* _Work task_
Would you please output the lines of the data below from the one containing "#4095 = CARTESIAN_POINT" to the end, exactly and with nothing added?
(Data records begins)
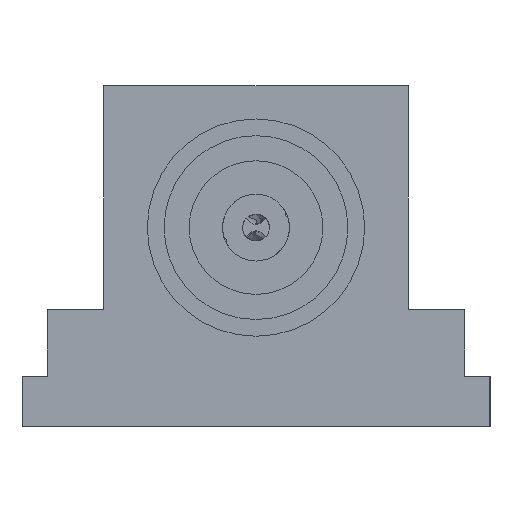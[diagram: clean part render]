
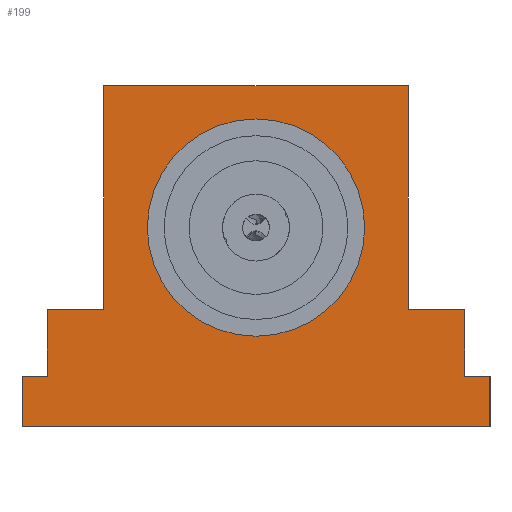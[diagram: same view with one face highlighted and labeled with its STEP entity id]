
A CAD part, front view. The second image highlights one B-rep face of the part: STEP entity #199.
In plain terms, the highlighted planar face has unit normal (0, -1, 0).
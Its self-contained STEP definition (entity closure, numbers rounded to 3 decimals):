
#73 = EDGE_LOOP ( 'NONE', ( #4043, #4274 ) ) ;
#119 = CARTESIAN_POINT ( 'NONE',  ( -79.405, -48.121, 15. ) ) ;
#142 = VERTEX_POINT ( 'NONE', #2908 ) ;
#199 = ADVANCED_FACE ( 'NONE', ( #3933, #824 ), #468, .F. ) ;
#200 = EDGE_CURVE ( 'NONE', #4113, #397, #4295, .T. ) ;
#215 = VERTEX_POINT ( 'NONE', #3527 ) ;
#245 = CARTESIAN_POINT ( 'NONE',  ( -71.905, -48.121, 35. ) ) ;
#272 = LINE ( 'NONE', #4095, #3592 ) ;
#285 = DIRECTION ( 'NONE',  ( 0., 0., -1. ) ) ;
#287 = ORIENTED_EDGE ( 'NONE', *, *, #4377, .T. ) ;
#302 = VERTEX_POINT ( 'NONE', #717 ) ;
#315 = CARTESIAN_POINT ( 'NONE',  ( 53.095, -48.121, 0. ) ) ;
#393 = VECTOR ( 'NONE', #1252, 1000. ) ;
#397 = VERTEX_POINT ( 'NONE', #1765 ) ;
#461 = CARTESIAN_POINT ( 'NONE',  ( 53.095, -48.121, 35. ) ) ;
#462 = VECTOR ( 'NONE', #3010, 1000. ) ;
#468 = PLANE ( 'NONE',  #1566 ) ;
#487 = EDGE_LOOP ( 'NONE', ( #951, #4047, #4189, #1256, #4107, #2770, #2335, #4408, #3949, #728, #2244, #287 ) ) ;
#494 = DIRECTION ( 'NONE',  ( 0., 1., 0. ) ) ;
#542 = EDGE_CURVE ( 'NONE', #397, #2829, #2421, .T. ) ;
#573 = CARTESIAN_POINT ( 'NONE',  ( -79.405, -48.121, 15. ) ) ;
#582 = DIRECTION ( 'NONE',  ( 1., 0., 0. ) ) ;
#682 = CARTESIAN_POINT ( 'NONE',  ( 60.595, -48.121, 15. ) ) ;
#717 = CARTESIAN_POINT ( 'NONE',  ( -71.905, -48.121, 15. ) ) ;
#728 = ORIENTED_EDGE ( 'NONE', *, *, #2498, .F. ) ;
#824 = FACE_OUTER_BOUND ( 'NONE', #487, .T. ) ;
#844 = VERTEX_POINT ( 'NONE', #245 ) ;
#858 = EDGE_CURVE ( 'NONE', #2955, #3936, #955, .T. ) ;
#913 = DIRECTION ( 'NONE',  ( 1., 0., 0. ) ) ;
#951 = ORIENTED_EDGE ( 'NONE', *, *, #3387, .T. ) ;
#955 = LINE ( 'NONE', #4389, #2863 ) ;
#960 = CARTESIAN_POINT ( 'NONE',  ( -54.905, -48.121, 35. ) ) ;
#1096 = LINE ( 'NONE', #1815, #462 ) ;
#1158 = CARTESIAN_POINT ( 'NONE',  ( -79.405, -48.121, 15. ) ) ;
#1230 = LINE ( 'NONE', #2310, #3898 ) ;
#1232 = VERTEX_POINT ( 'NONE', #461 ) ;
#1252 = DIRECTION ( 'NONE',  ( 0., 0., -1. ) ) ;
#1256 = ORIENTED_EDGE ( 'NONE', *, *, #3902, .F. ) ;
#1262 = VECTOR ( 'NONE', #4487, 1000. ) ;
#1320 = VECTOR ( 'NONE', #3469, 1000. ) ;
#1332 = EDGE_CURVE ( 'NONE', #3420, #302, #3538, .T. ) ;
#1414 = VECTOR ( 'NONE', #2566, 1000. ) ;
#1558 = VECTOR ( 'NONE', #3152, 1000. ) ;
#1566 = AXIS2_PLACEMENT_3D ( 'NONE', #1855, #494, #3984 ) ;
#1582 = EDGE_CURVE ( 'NONE', #844, #3886, #1230, .T. ) ;
#1584 = CARTESIAN_POINT ( 'NONE',  ( -9.405, -48.121, 92. ) ) ;
#1610 = EDGE_CURVE ( 'NONE', #1754, #2704, #1936, .T. ) ;
#1627 = CARTESIAN_POINT ( 'NONE',  ( -9.405, -48.121, 59.5 ) ) ;
#1658 = DIRECTION ( 'NONE',  ( 0., 0., 1. ) ) ;
#1732 = EDGE_CURVE ( 'NONE', #2704, #1754, #2325, .T. ) ;
#1746 = CARTESIAN_POINT ( 'NONE',  ( 60.595, -48.121, 0. ) ) ;
#1754 = VERTEX_POINT ( 'NONE', #1584 ) ;
#1765 = CARTESIAN_POINT ( 'NONE',  ( 60.595, -48.121, 15. ) ) ;
#1775 = VECTOR ( 'NONE', #4034, 1000. ) ;
#1815 = CARTESIAN_POINT ( 'NONE',  ( -79.405, -48.121, 0. ) ) ;
#1855 = CARTESIAN_POINT ( 'NONE',  ( -79.405, -48.121, 15. ) ) ;
#1880 = AXIS2_PLACEMENT_3D ( 'NONE', #1920, #3024, #285 ) ;
#1883 = EDGE_CURVE ( 'NONE', #3936, #215, #4411, .T. ) ;
#1920 = CARTESIAN_POINT ( 'NONE',  ( -9.405, -48.121, 59.5 ) ) ;
#1936 = CIRCLE ( 'NONE', #3108, 32.5 ) ;
#2107 = CARTESIAN_POINT ( 'NONE',  ( 36.095, -48.121, 102. ) ) ;
#2130 = LINE ( 'NONE', #3915, #2729 ) ;
#2204 = VECTOR ( 'NONE', #3881, 1000. ) ;
#2244 = ORIENTED_EDGE ( 'NONE', *, *, #1332, .F. ) ;
#2310 = CARTESIAN_POINT ( 'NONE',  ( 0., -48.121, 35. ) ) ;
#2325 = CIRCLE ( 'NONE', #1880, 32.5 ) ;
#2335 = ORIENTED_EDGE ( 'NONE', *, *, #858, .F. ) ;
#2404 = LINE ( 'NONE', #2768, #1558 ) ;
#2421 = LINE ( 'NONE', #682, #1320 ) ;
#2498 = EDGE_CURVE ( 'NONE', #302, #844, #2404, .T. ) ;
#2566 = DIRECTION ( 'NONE',  ( 1., 0., 0. ) ) ;
#2683 = DIRECTION ( 'NONE',  ( 0., 0., -1. ) ) ;
#2692 = LINE ( 'NONE', #573, #1775 ) ;
#2704 = VERTEX_POINT ( 'NONE', #2877 ) ;
#2729 = VECTOR ( 'NONE', #4212, 1000. ) ;
#2768 = CARTESIAN_POINT ( 'NONE',  ( -71.905, -48.121, 0. ) ) ;
#2770 = ORIENTED_EDGE ( 'NONE', *, *, #1883, .F. ) ;
#2829 = VERTEX_POINT ( 'NONE', #1746 ) ;
#2863 = VECTOR ( 'NONE', #913, 1000. ) ;
#2877 = CARTESIAN_POINT ( 'NONE',  ( -9.405, -48.121, 27. ) ) ;
#2908 = CARTESIAN_POINT ( 'NONE',  ( -79.405, -48.121, 0. ) ) ;
#2955 = VERTEX_POINT ( 'NONE', #3587 ) ;
#2984 = CARTESIAN_POINT ( 'NONE',  ( 53.095, -48.121, 15. ) ) ;
#3010 = DIRECTION ( 'NONE',  ( 1., 0., 0. ) ) ;
#3024 = DIRECTION ( 'NONE',  ( 0., -1., 0. ) ) ;
#3108 = AXIS2_PLACEMENT_3D ( 'NONE', #1627, #3699, #2683 ) ;
#3152 = DIRECTION ( 'NONE',  ( 0., 0., 1. ) ) ;
#3387 = EDGE_CURVE ( 'NONE', #142, #2829, #1096, .T. ) ;
#3420 = VERTEX_POINT ( 'NONE', #4397 ) ;
#3469 = DIRECTION ( 'NONE',  ( 0., 0., -1. ) ) ;
#3527 = CARTESIAN_POINT ( 'NONE',  ( 36.095, -48.121, 35. ) ) ;
#3538 = LINE ( 'NONE', #119, #2204 ) ;
#3587 = CARTESIAN_POINT ( 'NONE',  ( -54.905, -48.121, 102. ) ) ;
#3592 = VECTOR ( 'NONE', #1658, 1000. ) ;
#3699 = DIRECTION ( 'NONE',  ( 0., -1., 0. ) ) ;
#3776 = LINE ( 'NONE', #315, #1262 ) ;
#3822 = EDGE_CURVE ( 'NONE', #3886, #2955, #272, .T. ) ;
#3881 = DIRECTION ( 'NONE',  ( 1., 0., 0. ) ) ;
#3886 = VERTEX_POINT ( 'NONE', #960 ) ;
#3898 = VECTOR ( 'NONE', #582, 1000. ) ;
#3902 = EDGE_CURVE ( 'NONE', #1232, #4113, #3776, .T. ) ;
#3915 = CARTESIAN_POINT ( 'NONE',  ( 0., -48.121, 35. ) ) ;
#3933 = FACE_BOUND ( 'NONE', #73, .T. ) ;
#3936 = VERTEX_POINT ( 'NONE', #2107 ) ;
#3949 = ORIENTED_EDGE ( 'NONE', *, *, #1582, .F. ) ;
#3984 = DIRECTION ( 'NONE',  ( 0., 0., 1. ) ) ;
#4034 = DIRECTION ( 'NONE',  ( 0., 0., -1. ) ) ;
#4043 = ORIENTED_EDGE ( 'NONE', *, *, #1610, .F. ) ;
#4047 = ORIENTED_EDGE ( 'NONE', *, *, #542, .F. ) ;
#4095 = CARTESIAN_POINT ( 'NONE',  ( -54.905, -48.121, 0. ) ) ;
#4107 = ORIENTED_EDGE ( 'NONE', *, *, #4464, .F. ) ;
#4113 = VERTEX_POINT ( 'NONE', #2984 ) ;
#4189 = ORIENTED_EDGE ( 'NONE', *, *, #200, .F. ) ;
#4212 = DIRECTION ( 'NONE',  ( 1., 0., 0. ) ) ;
#4274 = ORIENTED_EDGE ( 'NONE', *, *, #1732, .F. ) ;
#4295 = LINE ( 'NONE', #1158, #1414 ) ;
#4377 = EDGE_CURVE ( 'NONE', #3420, #142, #2692, .T. ) ;
#4386 = CARTESIAN_POINT ( 'NONE',  ( 36.095, -48.121, 0. ) ) ;
#4389 = CARTESIAN_POINT ( 'NONE',  ( 0., -48.121, 102. ) ) ;
#4397 = CARTESIAN_POINT ( 'NONE',  ( -79.405, -48.121, 15. ) ) ;
#4408 = ORIENTED_EDGE ( 'NONE', *, *, #3822, .F. ) ;
#4411 = LINE ( 'NONE', #4386, #393 ) ;
#4464 = EDGE_CURVE ( 'NONE', #215, #1232, #2130, .T. ) ;
#4487 = DIRECTION ( 'NONE',  ( 0., 0., -1. ) ) ;
(Data records ends)
* _Response area_
#4095 = CARTESIAN_POINT ( 'NONE',  ( -54.905, -48.121, 0. ) ) ;
#4107 = ORIENTED_EDGE ( 'NONE', *, *, #4464, .F. ) ;
#4113 = VERTEX_POINT ( 'NONE', #2984 ) ;
#4189 = ORIENTED_EDGE ( 'NONE', *, *, #200, .F. ) ;
#4212 = DIRECTION ( 'NONE',  ( 1., 0., 0. ) ) ;
#4274 = ORIENTED_EDGE ( 'NONE', *, *, #1732, .F. ) ;
#4295 = LINE ( 'NONE', #1158, #1414 ) ;
#4377 = EDGE_CURVE ( 'NONE', #3420, #142, #2692, .T. ) ;
#4386 = CARTESIAN_POINT ( 'NONE',  ( 36.095, -48.121, 0. ) ) ;
#4389 = CARTESIAN_POINT ( 'NONE',  ( 0., -48.121, 102. ) ) ;
#4397 = CARTESIAN_POINT ( 'NONE',  ( -79.405, -48.121, 15. ) ) ;
#4408 = ORIENTED_EDGE ( 'NONE', *, *, #3822, .F. ) ;
#4411 = LINE ( 'NONE', #4386, #393 ) ;
#4464 = EDGE_CURVE ( 'NONE', #215, #1232, #2130, .T. ) ;
#4487 = DIRECTION ( 'NONE',  ( 0., 0., -1. ) ) ;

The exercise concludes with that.